This is our Pytorch implementation for the paper:
Jianxin Chang, Chen Gao, Xiangnan He, Depeng Jin and Yong Li. Bundle Graph Convolutional Network, Paper in ACM DL or Paper in arXiv. In SIGIR'20, Xi'an, China, July 25-30, 2020.
Author: Jianxin Chang (changjx18@mails.tsinghua.edu.cn)
Bundle Graph Convolutional Network (BGCN) is a bundle recommendation solution based on graph neural network, explicitly re-constructing the two kinds of interaction and an affiliation into the graph. With item nodes as the bridge, graph convolutional propagation between user and bundle nodes makes the learned representations capture the item level semantics.
If you want to use our codes and datasets in your research, please cite:
@inproceedings{BGCN20,
author = {Jianxin Chang and
Chen Gao and
Xiangnan He and
Depeng Jin and
Yong Li},
title = {Bundle Recommendation with Graph Convolutional Networks},
booktitle = {Proceedings of the 43nd International {ACM} {SIGIR} Conference on
Research and Development in Information Retrieval, {SIGIR} 2020, Xi'an,
China, July 25-30, 2020.},
year = {2020},
}
The code has been tested running under Python 3.7.0. The required packages are as follows:
- torch == 1.2.0
- numpy == 1.17.4
- scipy == 1.4.1
- temsorboardX == 2.0
The hyperparameter search range and optimal settings have been clearly stated in the codes (see the 'CONFIG' dict in config.py).
- Train
python main.py
- Futher Train
Replace 'sample' from 'simple' to 'hard' in CONFIG and add model file path obtained by Train to 'conti_train', then run
python main.py
- Test
Add model path obtained by Futher Train to 'test' in CONFIG, then run
python eval_main.py
Some important hyperparameters:
-
lrs
- It indicates the learning rates.
- The learning rate is searched in {1e-5, 3e-5, 1e-4, 3e-4, 1e-3, 3e-3}.
-
mess_dropouts
- It indicates the message dropout ratio, which randomly drops out the outgoing messages.
- We search the message dropout within {0, 0.1, 0.3, 0.5}.
-
node_dropouts
- It indicates the node dropout ratio, which randomly blocks a particular node and discard all its outgoing messages.
- We search the node dropout within {0, 0.1, 0.3, 0.5}.
-
decays
- we adopt L2 regularization and use the decays to control the penalty strength.
- L2 regularization term is tuned in {1e-7, 1e-6, 1e-5, 1e-4, 1e-3, 1e-2}.
-
hard_window
- It indicates the difficulty of sampling in the hard-negative sampler.
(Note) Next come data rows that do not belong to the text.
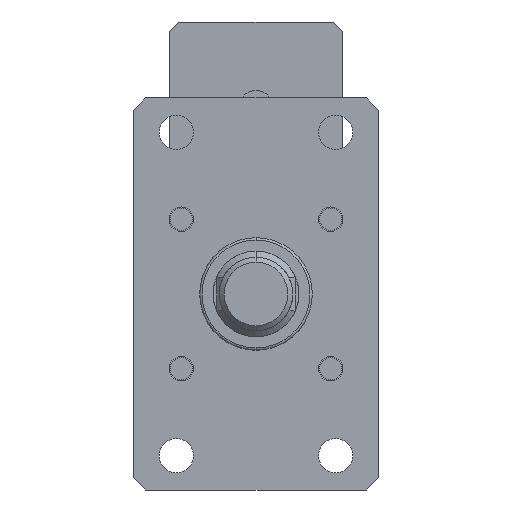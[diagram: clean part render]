
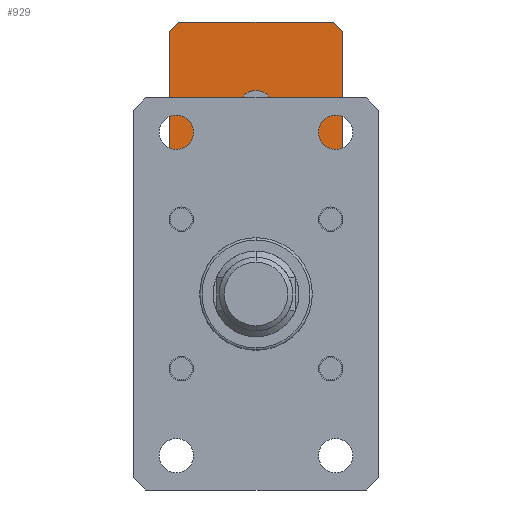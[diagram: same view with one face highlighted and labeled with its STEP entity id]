
A CAD part, front view. The second image highlights one B-rep face of the part: STEP entity #929.
In plain terms, the highlighted planar face has unit normal (0, -1, 0).
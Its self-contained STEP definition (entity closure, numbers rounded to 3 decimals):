
#7 = AXIS2_PLACEMENT_3D ( 'NONE', #7080, #3743, #391 ) ;
#22 = CARTESIAN_POINT ( 'NONE',  ( -31.5, 210., 40. ) ) ;
#96 = EDGE_CURVE ( 'NONE', #4799, #363, #189, .T. ) ;
#109 = DIRECTION ( 'NONE',  ( 0., 0., -1. ) ) ;
#116 = ORIENTED_EDGE ( 'NONE', *, *, #1588, .T. ) ;
#127 = CARTESIAN_POINT ( 'NONE',  ( 0., 210., 83. ) ) ;
#189 = LINE ( 'NONE', #7155, #1663 ) ;
#363 = VERTEX_POINT ( 'NONE', #399 ) ;
#391 = DIRECTION ( 'NONE',  ( 0., 0., -1. ) ) ;
#399 = CARTESIAN_POINT ( 'NONE',  ( 35.5, 210., 44. ) ) ;
#508 = VERTEX_POINT ( 'NONE', #903 ) ;
#560 = LINE ( 'NONE', #1243, #5983 ) ;
#632 = EDGE_CURVE ( 'NONE', #3462, #5133, #1549, .T. ) ;
#739 = LINE ( 'NONE', #3607, #6511 ) ;
#756 = VERTEX_POINT ( 'NONE', #22 ) ;
#823 = VERTEX_POINT ( 'NONE', #4865 ) ;
#903 = CARTESIAN_POINT ( 'NONE',  ( -35.5, 210., 44. ) ) ;
#929 = ADVANCED_FACE ( 'NONE', ( #5382, #6692 ), #6365, .F. ) ;
#1006 = EDGE_CURVE ( 'NONE', #823, #5751, #4863, .T. ) ;
#1042 = VECTOR ( 'NONE', #1939, 1000. ) ;
#1243 = CARTESIAN_POINT ( 'NONE',  ( -35.5, 210., 111. ) ) ;
#1328 = ORIENTED_EDGE ( 'NONE', *, *, #3759, .F. ) ;
#1549 = LINE ( 'NONE', #4990, #4342 ) ;
#1588 = EDGE_CURVE ( 'NONE', #756, #4799, #3221, .T. ) ;
#1615 = AXIS2_PLACEMENT_3D ( 'NONE', #6814, #3446, #109 ) ;
#1663 = VECTOR ( 'NONE', #2683, 1000. ) ;
#1716 = VECTOR ( 'NONE', #6053, 1000. ) ;
#1830 = ORIENTED_EDGE ( 'NONE', *, *, #2103, .F. ) ;
#1939 = DIRECTION ( 'NONE',  ( 0., 0., -1. ) ) ;
#2091 = DIRECTION ( 'NONE',  ( 0.707, 0., -0.707 ) ) ;
#2103 = EDGE_CURVE ( 'NONE', #5476, #2873, #3213, .T. ) ;
#2191 = CARTESIAN_POINT ( 'NONE',  ( 31.5, 210., 40. ) ) ;
#2230 = CARTESIAN_POINT ( 'NONE',  ( 31.5, 210., 111. ) ) ;
#2524 = LINE ( 'NONE', #4736, #1042 ) ;
#2659 = LINE ( 'NONE', #3206, #3947 ) ;
#2683 = DIRECTION ( 'NONE',  ( 0.707, 0., 0.707 ) ) ;
#2873 = VERTEX_POINT ( 'NONE', #127 ) ;
#2941 = CARTESIAN_POINT ( 'NONE',  ( -31.5, 210., 111. ) ) ;
#3063 = DIRECTION ( 'NONE',  ( -0.707, 0., 0.707 ) ) ;
#3206 = CARTESIAN_POINT ( 'NONE',  ( -35.5, 210., 44. ) ) ;
#3213 = CIRCLE ( 'NONE', #7, 7.5 ) ;
#3221 = LINE ( 'NONE', #5486, #1716 ) ;
#3301 = ORIENTED_EDGE ( 'NONE', *, *, #632, .T. ) ;
#3446 = DIRECTION ( 'NONE',  ( 0., -1., 0. ) ) ;
#3462 = VERTEX_POINT ( 'NONE', #4388 ) ;
#3477 = ORIENTED_EDGE ( 'NONE', *, *, #4724, .T. ) ;
#3581 = ORIENTED_EDGE ( 'NONE', *, *, #4587, .F. ) ;
#3607 = CARTESIAN_POINT ( 'NONE',  ( 35.5, 210., 111. ) ) ;
#3642 = AXIS2_PLACEMENT_3D ( 'NONE', #6926, #5758, #4133 ) ;
#3654 = CIRCLE ( 'NONE', #1615, 7.5 ) ;
#3743 = DIRECTION ( 'NONE',  ( 0., -1., 0. ) ) ;
#3748 = ORIENTED_EDGE ( 'NONE', *, *, #1006, .T. ) ;
#3759 = EDGE_CURVE ( 'NONE', #823, #5133, #560, .T. ) ;
#3769 = ORIENTED_EDGE ( 'NONE', *, *, #5941, .T. ) ;
#3947 = VECTOR ( 'NONE', #2091, 1000. ) ;
#4133 = DIRECTION ( 'NONE',  ( 0., 0., 1. ) ) ;
#4289 = CARTESIAN_POINT ( 'NONE',  ( 0., 210., 68. ) ) ;
#4342 = VECTOR ( 'NONE', #3063, 1000. ) ;
#4388 = CARTESIAN_POINT ( 'NONE',  ( 35.5, 210., 107. ) ) ;
#4497 = CARTESIAN_POINT ( 'NONE',  ( -35.5, 210., 107. ) ) ;
#4587 = EDGE_CURVE ( 'NONE', #3462, #363, #739, .T. ) ;
#4724 = EDGE_CURVE ( 'NONE', #508, #756, #2659, .T. ) ;
#4736 = CARTESIAN_POINT ( 'NONE',  ( -35.5, 210., 111. ) ) ;
#4799 = VERTEX_POINT ( 'NONE', #2191 ) ;
#4863 = LINE ( 'NONE', #2941, #6158 ) ;
#4865 = CARTESIAN_POINT ( 'NONE',  ( -31.5, 210., 111. ) ) ;
#4990 = CARTESIAN_POINT ( 'NONE',  ( 31.5, 210., 111. ) ) ;
#5081 = ORIENTED_EDGE ( 'NONE', *, *, #6524, .F. ) ;
#5133 = VERTEX_POINT ( 'NONE', #2230 ) ;
#5157 = DIRECTION ( 'NONE',  ( 1., 0., 0. ) ) ;
#5201 = ORIENTED_EDGE ( 'NONE', *, *, #96, .T. ) ;
#5279 = DIRECTION ( 'NONE',  ( 0., 0., -1. ) ) ;
#5382 = FACE_BOUND ( 'NONE', #6474, .T. ) ;
#5476 = VERTEX_POINT ( 'NONE', #4289 ) ;
#5486 = CARTESIAN_POINT ( 'NONE',  ( -35.5, 210., 40. ) ) ;
#5751 = VERTEX_POINT ( 'NONE', #4497 ) ;
#5758 = DIRECTION ( 'NONE',  ( 0., 1., 0. ) ) ;
#5779 = EDGE_LOOP ( 'NONE', ( #3769, #3477, #116, #5201, #3581, #3301, #1328, #3748 ) ) ;
#5941 = EDGE_CURVE ( 'NONE', #5751, #508, #2524, .T. ) ;
#5983 = VECTOR ( 'NONE', #5157, 1000. ) ;
#6053 = DIRECTION ( 'NONE',  ( 1., 0., 0. ) ) ;
#6158 = VECTOR ( 'NONE', #6858, 1000. ) ;
#6365 = PLANE ( 'NONE',  #3642 ) ;
#6474 = EDGE_LOOP ( 'NONE', ( #1830, #5081 ) ) ;
#6511 = VECTOR ( 'NONE', #5279, 1000. ) ;
#6524 = EDGE_CURVE ( 'NONE', #2873, #5476, #3654, .T. ) ;
#6692 = FACE_OUTER_BOUND ( 'NONE', #5779, .T. ) ;
#6814 = CARTESIAN_POINT ( 'NONE',  ( 0., 210., 75.5 ) ) ;
#6858 = DIRECTION ( 'NONE',  ( -0.707, 0., -0.707 ) ) ;
#6926 = CARTESIAN_POINT ( 'NONE',  ( -35.5, 210., 111. ) ) ;
#7080 = CARTESIAN_POINT ( 'NONE',  ( 0., 210., 75.5 ) ) ;
#7155 = CARTESIAN_POINT ( 'NONE',  ( 35.5, 210., 44. ) ) ;

- We set it to the top thirty percent.
-
hard_prob
- It indicates the probability of using hard-negative samples in the further training stage.
- We set it to 0.8 (0.4 in the item level and 0.4 in the bundle level), so the probability of simple samples is 0.2.
We provide one processed dataset: Netease.
-
user_bundle_train.txt
- Train file.
- Each line is 'userID\t bundleID\n'.
- Every observed interaction means user u once interacted bundle b.
-
user_item.txt
- Train file.
- Each line is 'userID\t itemID\n'.
- Every observed interaction means user u once interacted item i.
-
bundle_item.txt
- Train file.
- Each line is 'bundleID\t itemID\n'.
- Every entry means bundle b contains item i.
-
Netease_data_size.txt
- Assist file.
- The only line is 'userNum\t bundleNum\t itemNum\n'.
- The triplet denotes the number of users, bundles and items, respectively.
-
user_bundle_tune.txt
- Tune file.
- Each line is 'userID\t bundleID\n'.
- Every observed interaction means user u once interacted bundle b.
-
user_bundle_test.txt
- Test file.
- Each line is 'userID\t bundleID\n'.
- Every observed interaction means user u once interacted bundle b.